Assisted Suicide and Ethics
Doctors are tasked with saving lives, and rendering medical assistance is part of the oath that doctors abide by. What happens when society reaches an ethical conundrum regarding so-called “death with dignity,” and a doctor is responsible to help? This topic has been gaining traction in recent years, leading to questions about the conflict between assisted suicide and ethics.
What is Physician-Assisted Suicide?
Prior to 1996 in the United States, a number of terms were used to describe the concept now called death with dignity. Physician-assisted suicide, physician aid-in-dying, and other terms were used to describe a process in which an individual of sound mind seeks the assistance of a doctor in ending their own life. Many people make this choice in an effort to take back control of their life and body from a disease or diagnosis that is terminal.
For example, rather than waste away from an incurable form of cancer or an inoperable brain tumor, some patients choose to take a lethal dose of a medication to control the time and manner in which they die. It is done to maintain their dignity as a human being, reduce the burden on their family, and to avoid undue suffering on their behalf. What impact does this have on pharmacists though?
Ethics and Pharmacology
All medical professionals have a responsibility in their role, not only to patients but to each other. As stated by ASHP.org, “the basic tenet of the profession is to provide care and affirm life. The pharmacy profession was founded on a tradition of patient trust. Pharmacists should serve as advocates for the patient throughout the continuum of care.”
In short, pharmacists and those involved in pharmacology are part of a greater healthcare team devoted to preserving life, but also faced with the task of ensuring that respect for individual patients of sound mind is upheld during the course of care.

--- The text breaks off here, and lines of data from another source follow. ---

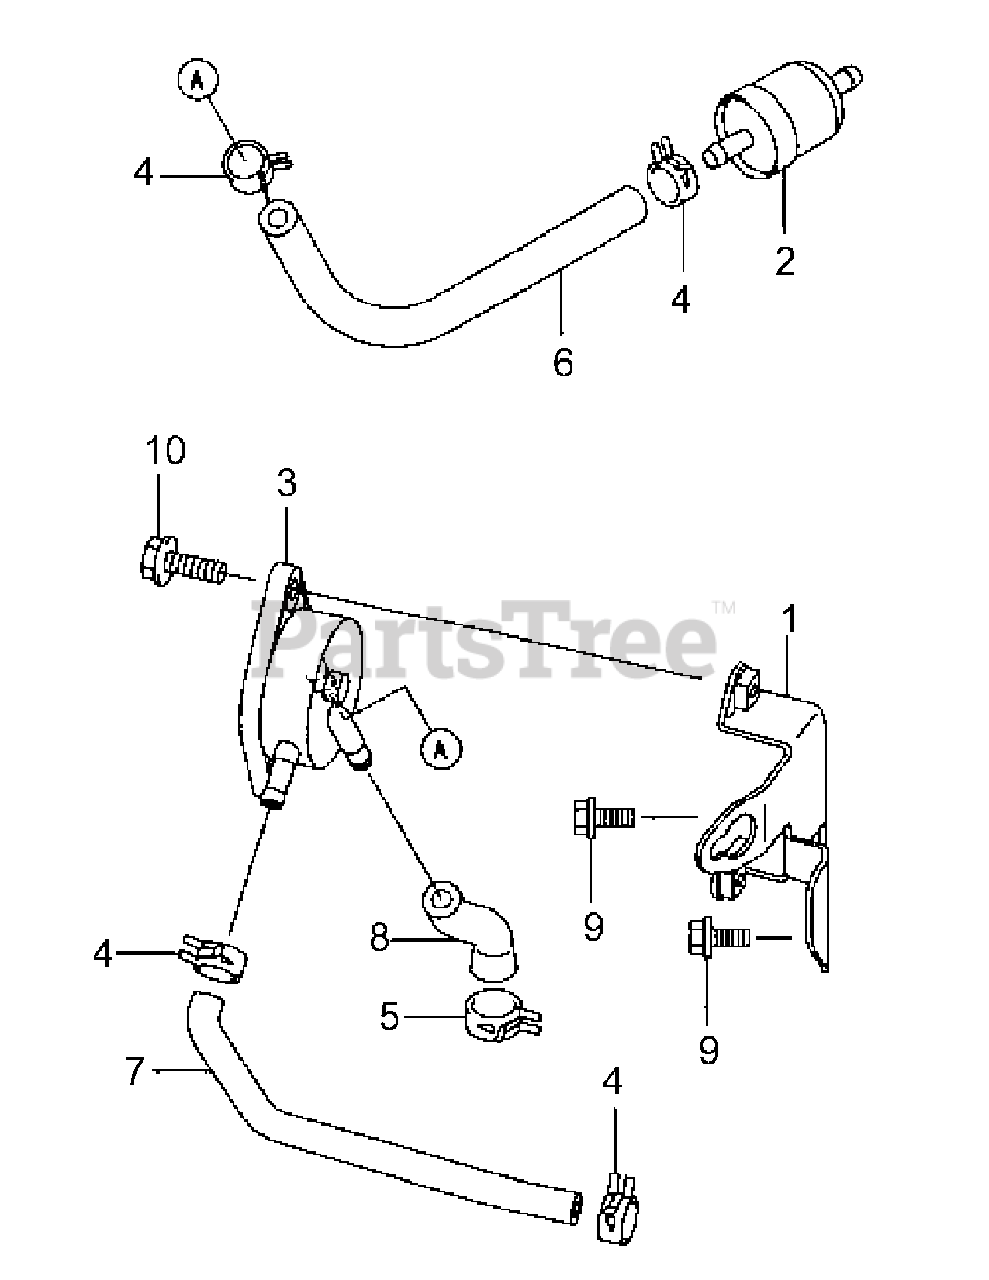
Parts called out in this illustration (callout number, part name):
2	FUEL FILTER
3	FUEL PUMP
4	CLAMP
6	TUBE, 6.35x12.7x160
9	FLANGED BOLT
10	FLANGED BOLT
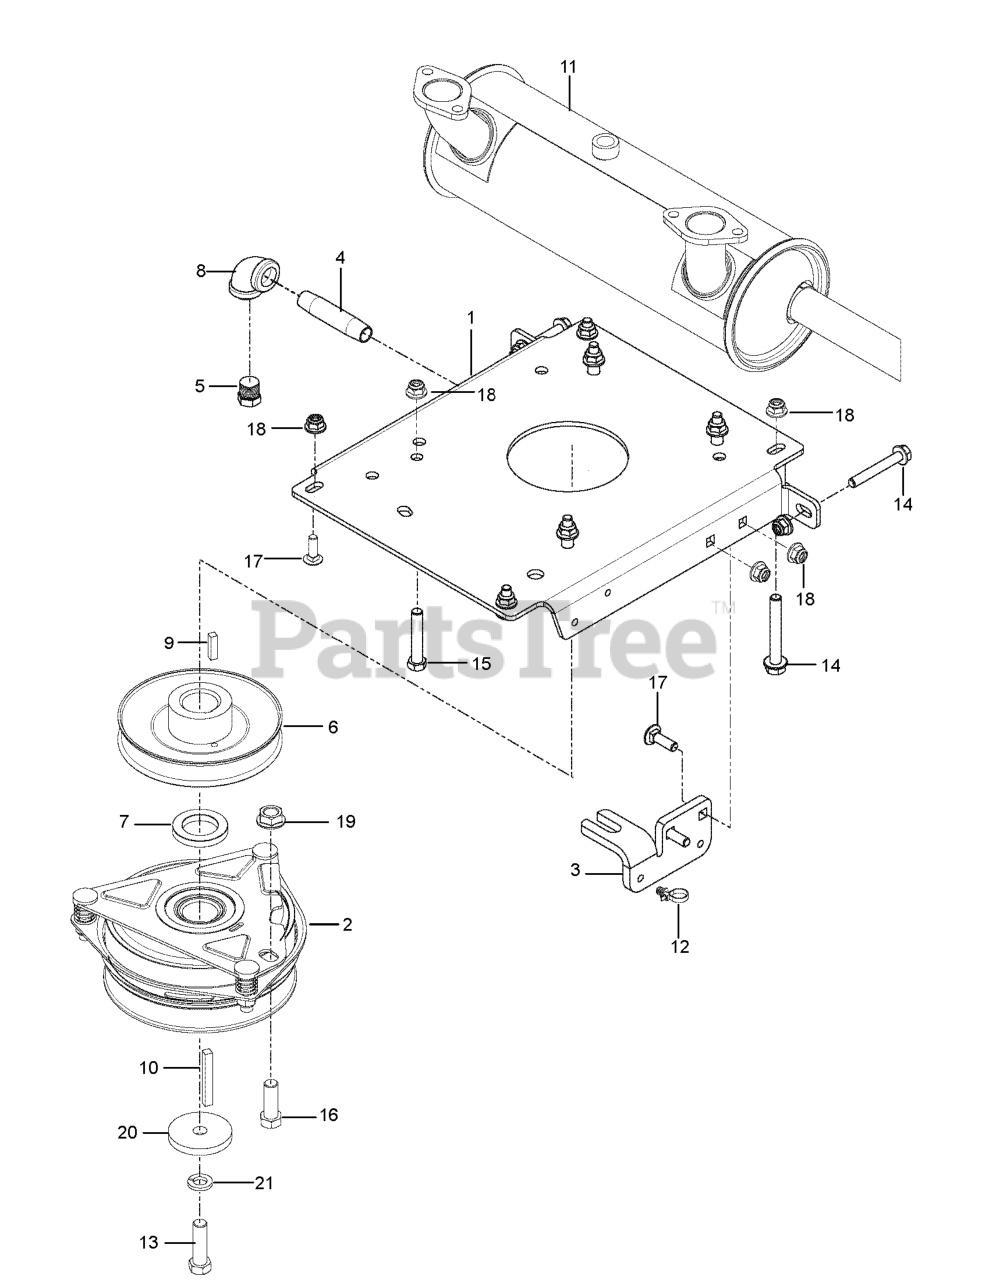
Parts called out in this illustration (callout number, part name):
1	PLATE.PNT.ENGINE.PZ/PZT.EDIP
2	CLUTCH, 150 FT/LBS
3	STOP, CLUTCH, OGURA
4	PIPE NIPPLE 3/8 X 3
5	PLUG, DRAIN 3/8 NPTF
6	PULLEY, ENGINE
7	SPACER, .25 X 1.135 I.D.
8	90 DEG.ELBOW 3/8NPT
9	KEY 1/4 SQ X 1.0
10	KEY 1/4 SQ X 2
11	MUFFLER.KOH.EFI.W/O2.SENSOR
12	TIE WRAP, 8-3/8", W/CLIP
13	CLUTCH BOLT7/16-20X1.5GR5.96HR
14	HHFS 5/16-18 X 2.25 GD 5
15	HHFS 5/16-18 X 1.5 GD 5
16	HCS 7/16-14 X 1-1/4 GR 5 ZD
17	RHSNB 5/16C X 1
18	5/16-18 NYLOC FLANGE NUT
19	NUT 7/16C WHIZ
20	BLADE WASHER
21	WASHER 7/16 LOCK
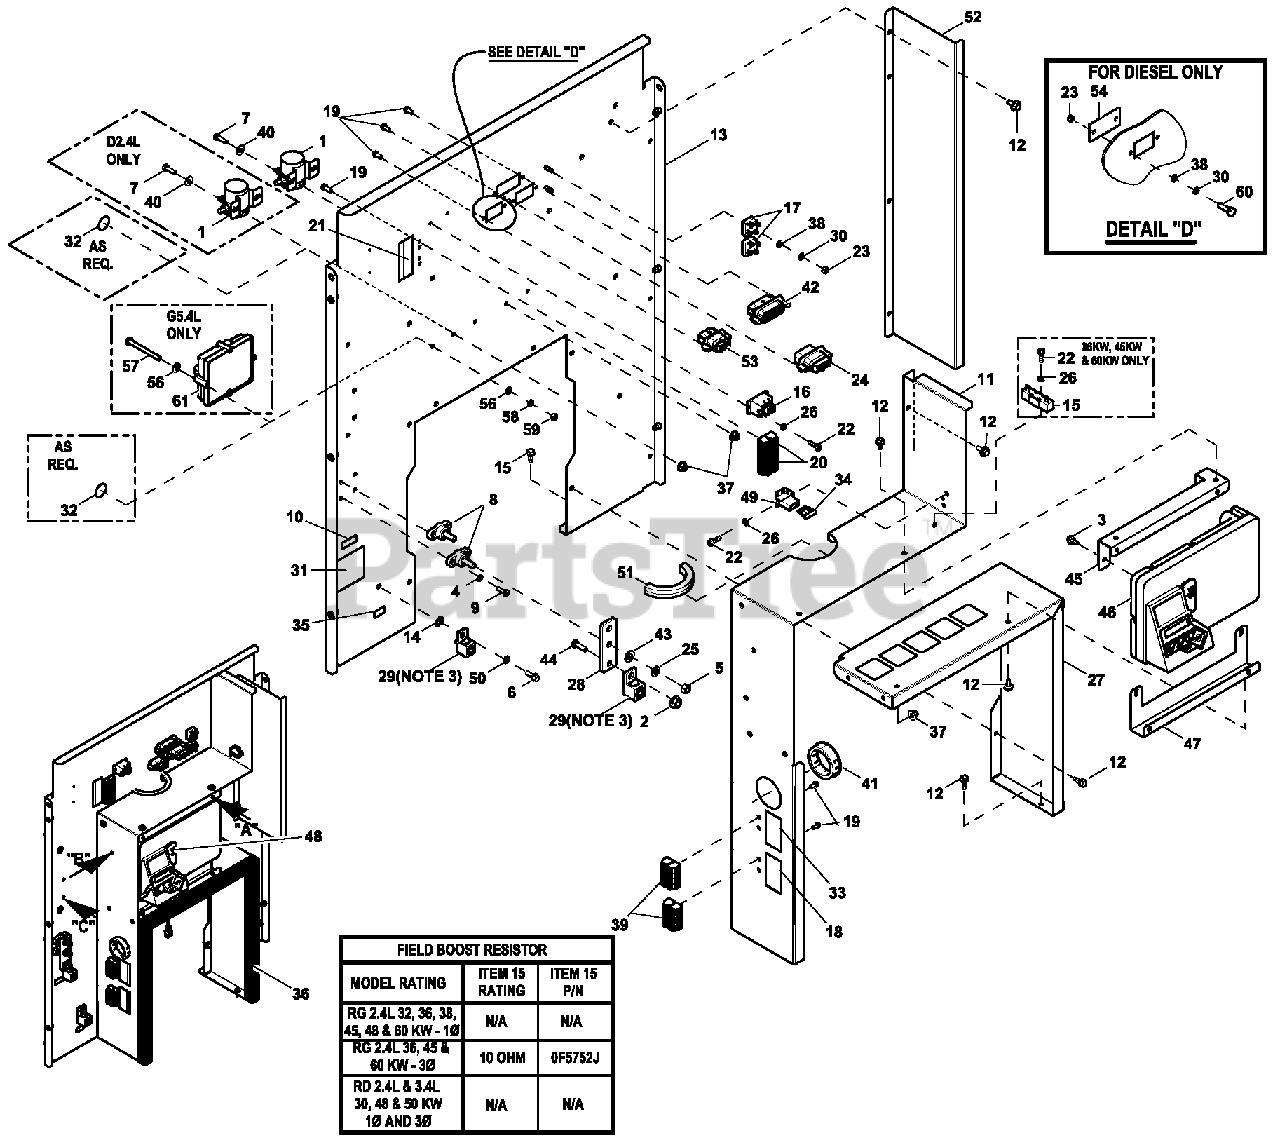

Pharmacists and “Death with Dignity”
Pharmacists find themselves firmly entrenched between the metaphorical rock and a hard place when it comes to cases of death with dignity. Assuming a pharmacist knows the purpose for the lethal dose of a particular medication that is being dispensed, they face the ethical and moral tough choice of actually dispensing that requested dose. In some cases, pharmacists may not know exactly why a lethal dose of a particular medication is requested, relieving them of the ethical or moral problem.
In any case, pharmacists have a responsibility to learn as much as they can about the individual to whom that medication will be given. As the National Institute of Health notes, “pharmaceutical care requires that the pharmacist not only understands the medications, but also the individual patient and the complexities of their lives and suffering.”
Rise in “Death with Dignity” Cases
Though many cases have captivated towns and regions over the years, it was the case of Brittany Maynard that garnered national headlines in November 2014. Suffering from a terminal case of brain cancer, the California resident left her state for the confines of Oregon to opt for death over a slow degradation of her life.
Just 29 years old, Maynard moved to Oregon (where a Death with Dignity Act was passed in 1996) to receive a lethal dose of medication to end her suffering. This action was illegal in her home state of California, but has pushed the conversation back into the national limelight, and brought attention to the ethical and moral dilemma facing pharmacists as well as others in the healthcare field.
Pharmacists and other medical professionals need to strike a balance between their own ethical viewpoint and the wishes of their patient. As “death with dignity” becomes a more mainstream issue, it seems the debate is not over yet.